┌──

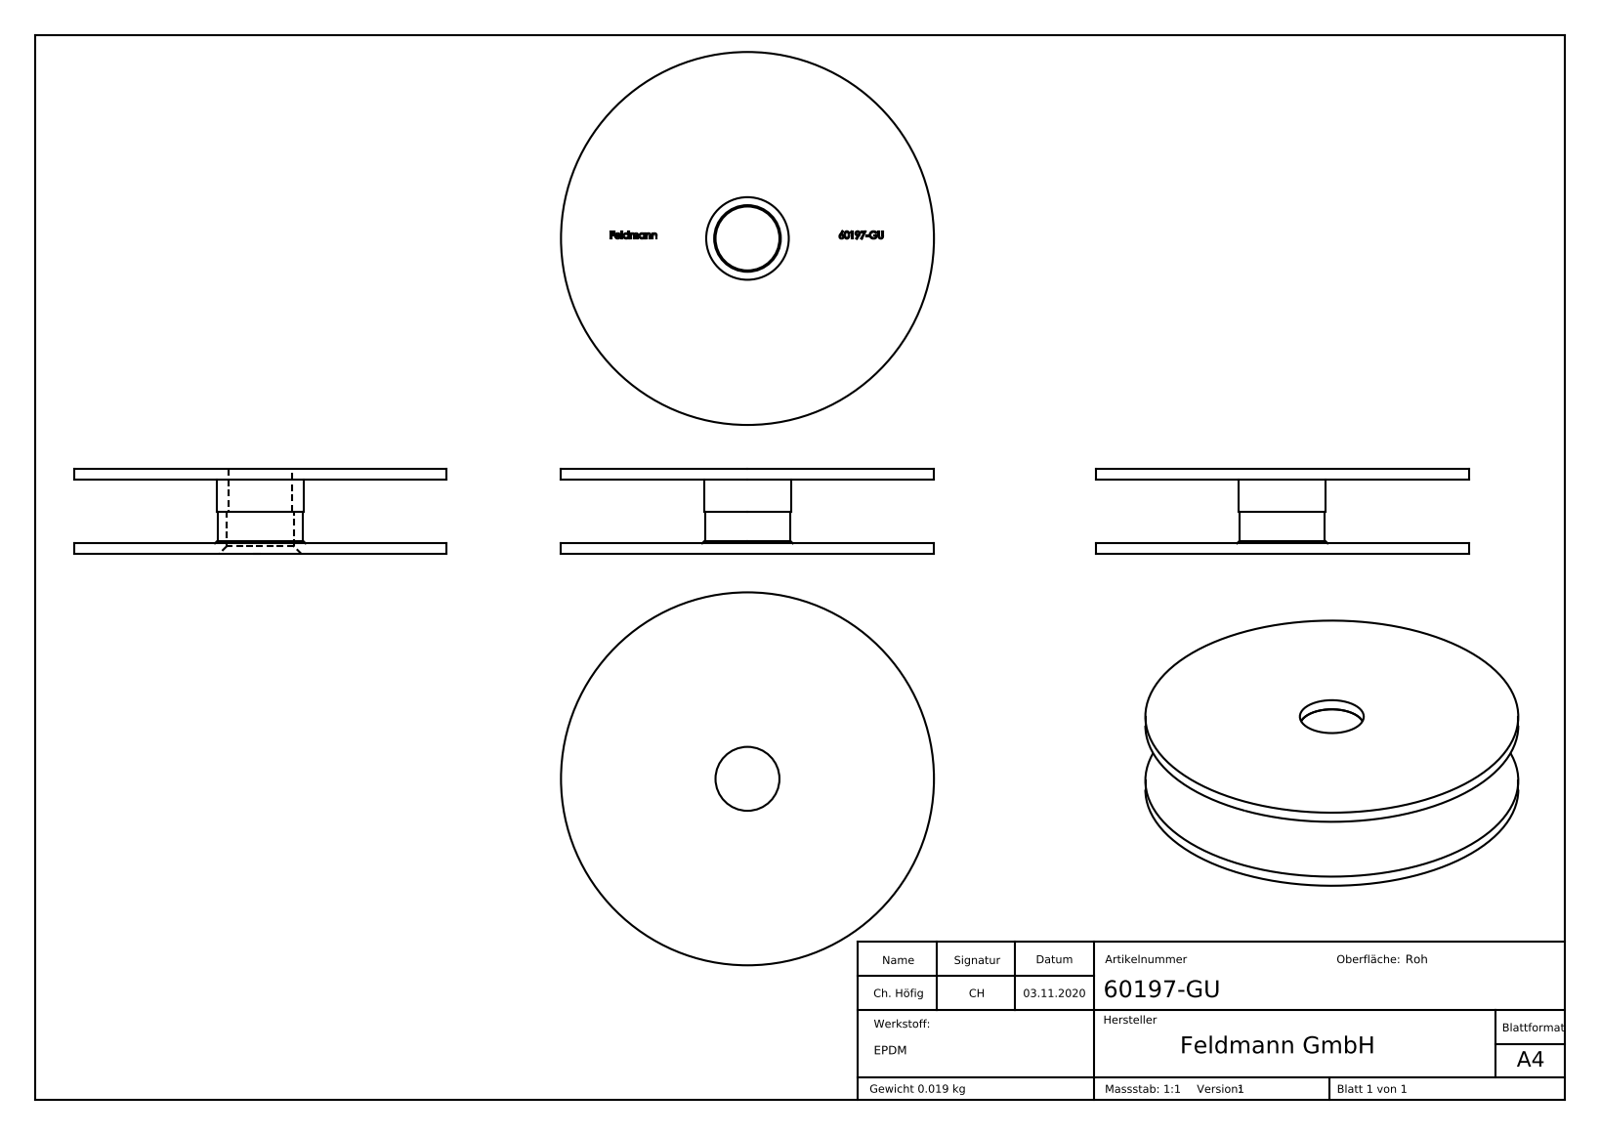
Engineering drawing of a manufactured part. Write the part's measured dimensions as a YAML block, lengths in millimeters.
part_name: "60197-GU Teil2_60197-GU Teil2; 60197-GU Teil1; 60197-GU; 60197-GU Teil1_60197-GU Teil1 (+3 more)"
step_written_by: "SolidWorks 2018 (CONFIG_CONTROL_DESIGN)"
units: millimeters
bodies: {solids: 3, faces: 224, planar: 115, cylindrical: 14, other: 95}
overall_size: [70, 70, 16]
volume: 15924
surface_area: 17180
round_holes:
  - {diameter: 12, count: 1}
  - {diameter: 12.5, count: 1}
round_bosses_or_shafts:
  - {diameter: 70, count: 1}
  - {diameter: 16.3, count: 1}
  - {diameter: 16, count: 1}
face_to_face_distances: [2, 14, 16, 12, 8, 6, 1.9, 7.9, 13.9, 15.9]
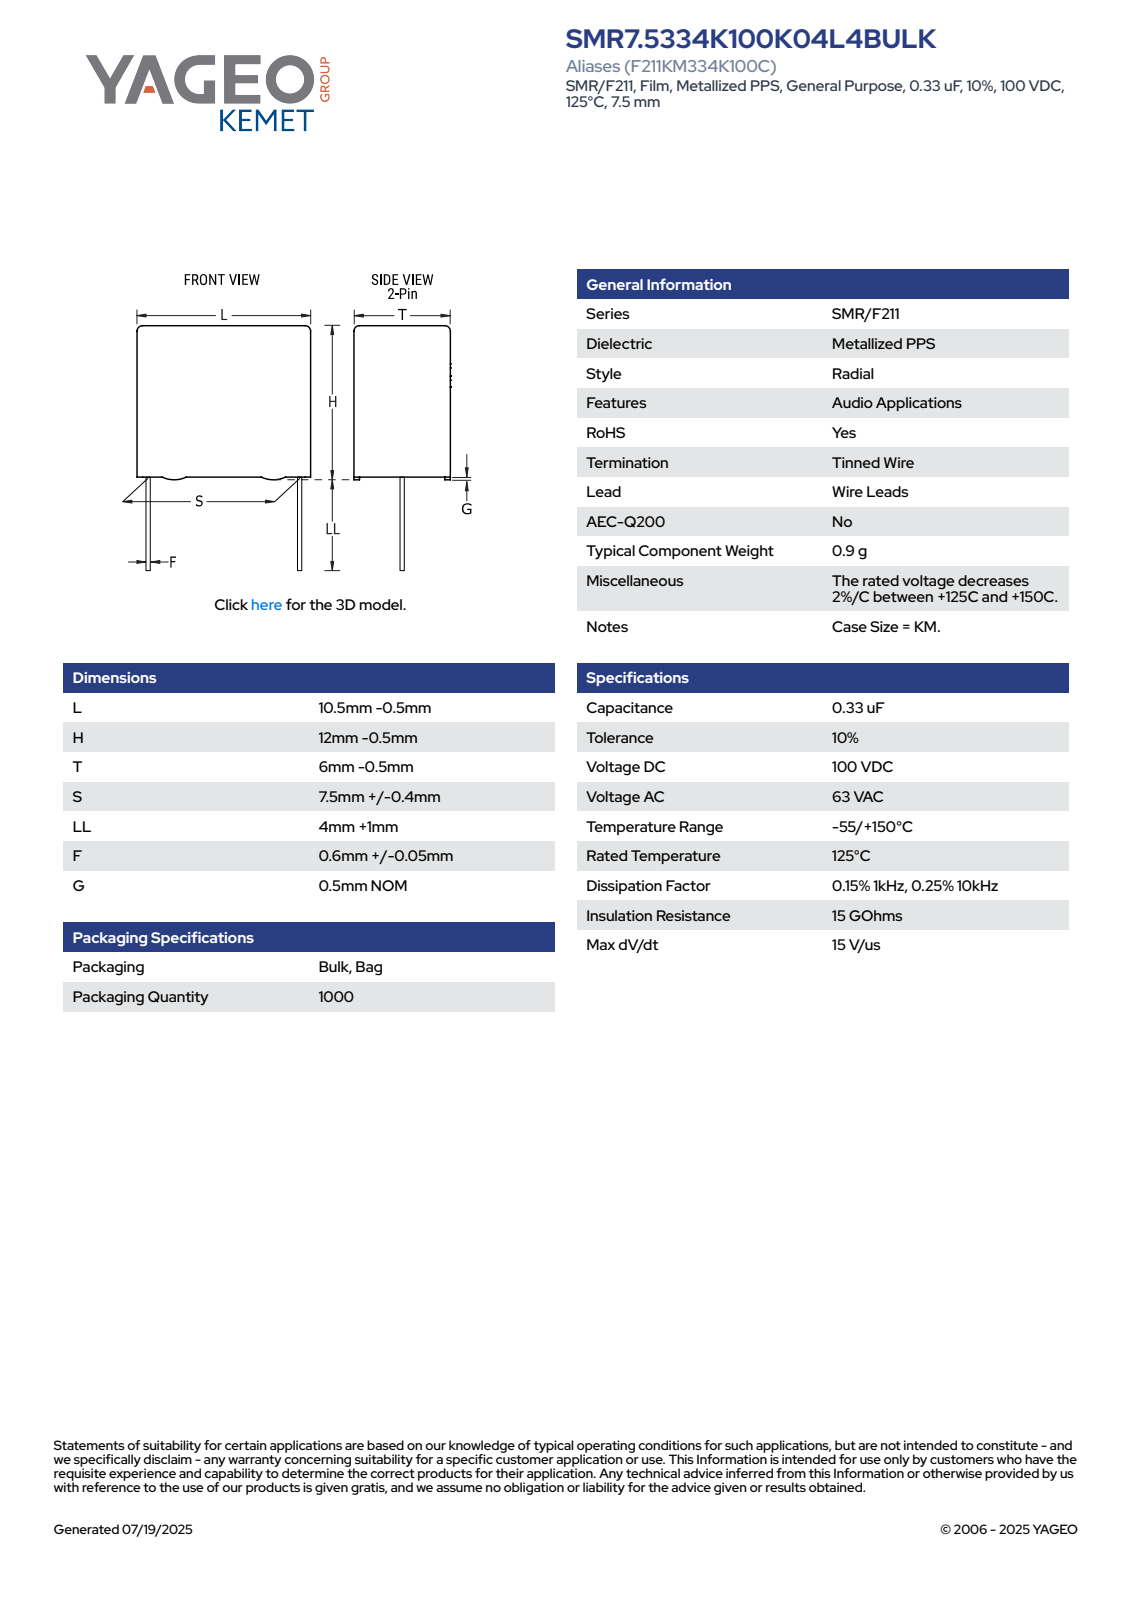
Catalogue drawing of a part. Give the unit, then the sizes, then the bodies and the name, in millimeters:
Units: millimetres
Overall size (bounding box): 16.5 × 10 × 5.5
Round bosses / shafts (diameter × count): ⌀0.65 ×2
Partial cylindrical surfaces — rounded edges, fillets, slot ends (radius × count): R0.5 ×4
Main face-to-face distances: 5.5, 10, 11, 5.19, 0.31, 0.5, 11.5, 4.88, 5, 16.5
Volume: 608 mm³ · Surface area: 485 mm²
Bodies: 4 solids, 89 faces (81 planar, 8 cylindrical, 0 other)
Part name (STEP PRODUCT): CFR_RBG_10.5X12X6_L10H11.5T5.5S7.5LL5F0.65G0.5
STEP written by: SolidWorks 2021 (AUTOMOTIVE_DESIGN)
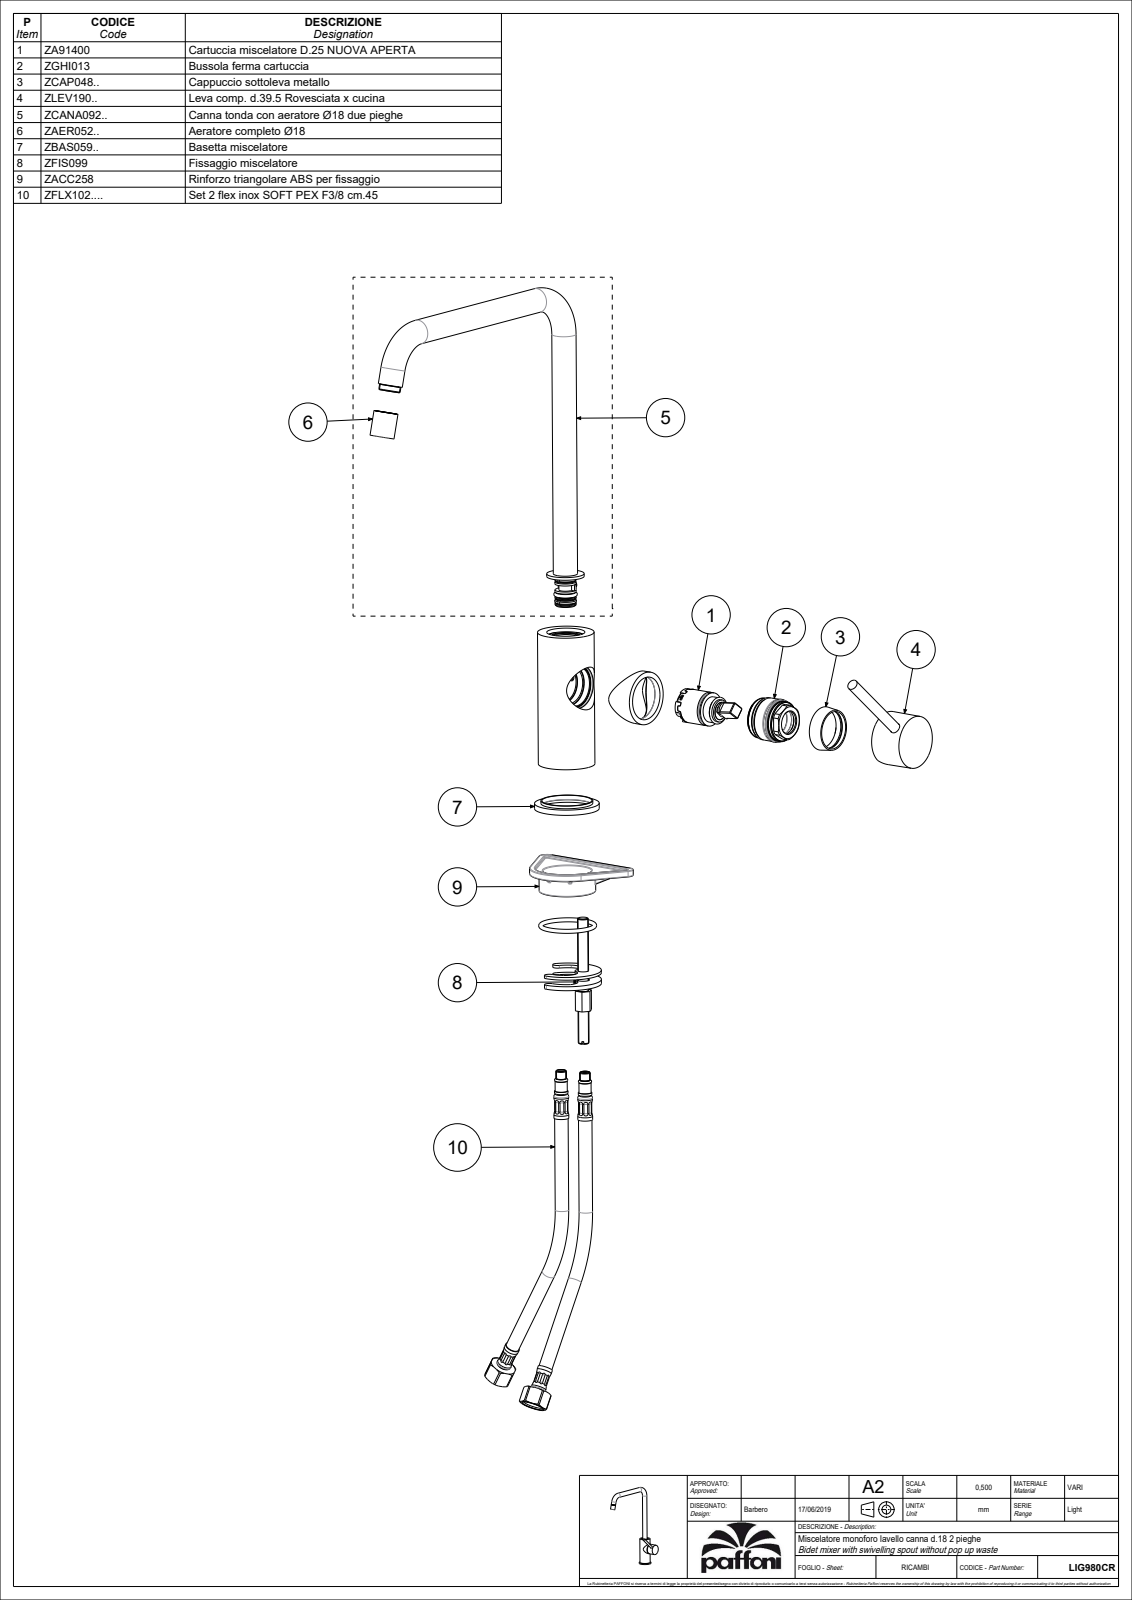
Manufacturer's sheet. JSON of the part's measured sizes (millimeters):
{"part_name": "1000497GR; 4071653_CORPO; 4071653_ROTAZIONE; 4071653_PERNO (+8 more)", "step_written_by": "CREO PARAMETRIC BY PTC INC, 2020044 (CONFIG_CONTROL_DESIGN)", "units": "millimeters", "bodies": {"solids": 31, "faces": 1763, "planar": 457, "cylindrical": 790, "other": 516}, "overall_size": [325.5, 240.45, 79.15], "volume_mm3": 193681, "surface_area_mm2": 117191, "round_holes": [[0.5, 51], [5, 4], [6, 4], [14, 4], [4, 3], [3.2, 2], [6.5, 2], [7, 2], [8, 2], [8.6, 2], [9.2, 2], [11, 2]], "round_bosses_or_shafts": [[18, 3], [15, 2], [13, 2], [8, 2], [3, 2], [48, 1], [42, 1], [39.5, 1]], "partial_cylinders_radius": [[0.5, 68], [0.3, 34], [1, 22], [3, 12], [0.7, 10], [0.25, 8], [0.8, 6], [3.5, 5]], "face_to_face_distances": [3, 2, 0.5, 2.5, 1, 7, 96.5, 3.5, 97, 100], "hole_center_spacings": [1.5, 3.35, 2.12, 4.74, 3, 5.41, 4.24, 4.5]}

└──

▶ WHAT YOU HAVE TO DO:
Starting at the line that contains "Catalogue drawing of", write out every line through the final line of the entries, word for word; skip any pictures.

▶ SOLUTION BELOW:
Catalogue drawing of a part. Give the unit, then the sizes, then the bodies and the name, in millimeters:
Units: millimetres
Overall size (bounding box): 16.5 × 10 × 5.5
Round bosses / shafts (diameter × count): ⌀0.65 ×2
Partial cylindrical surfaces — rounded edges, fillets, slot ends (radius × count): R0.5 ×4
Main face-to-face distances: 5.5, 10, 11, 5.19, 0.31, 0.5, 11.5, 4.88, 5, 16.5
Volume: 608 mm³ · Surface area: 485 mm²
Bodies: 4 solids, 89 faces (81 planar, 8 cylindrical, 0 other)
Part name (STEP PRODUCT): CFR_RBG_10.5X12X6_L10H11.5T5.5S7.5LL5F0.65G0.5
STEP written by: SolidWorks 2021 (AUTOMOTIVE_DESIGN)
Manufacturer's sheet. JSON of the part's measured sizes (millimeters):
{"part_name": "1000497GR; 4071653_CORPO; 4071653_ROTAZIONE; 4071653_PERNO (+8 more)", "step_written_by": "CREO PARAMETRIC BY PTC INC, 2020044 (CONFIG_CONTROL_DESIGN)", "units": "millimeters", "bodies": {"solids": 31, "faces": 1763, "planar": 457, "cylindrical": 790, "other": 516}, "overall_size": [325.5, 240.45, 79.15], "volume_mm3": 193681, "surface_area_mm2": 117191, "round_holes": [[0.5, 51], [5, 4], [6, 4], [14, 4], [4, 3], [3.2, 2], [6.5, 2], [7, 2], [8, 2], [8.6, 2], [9.2, 2], [11, 2]], "round_bosses_or_shafts": [[18, 3], [15, 2], [13, 2], [8, 2], [3, 2], [48, 1], [42, 1], [39.5, 1]], "partial_cylinders_radius": [[0.5, 68], [0.3, 34], [1, 22], [3, 12], [0.7, 10], [0.25, 8], [0.8, 6], [3.5, 5]], "face_to_face_distances": [3, 2, 0.5, 2.5, 1, 7, 96.5, 3.5, 97, 100], "hole_center_spacings": [1.5, 3.35, 2.12, 4.74, 3, 5.41, 4.24, 4.5]}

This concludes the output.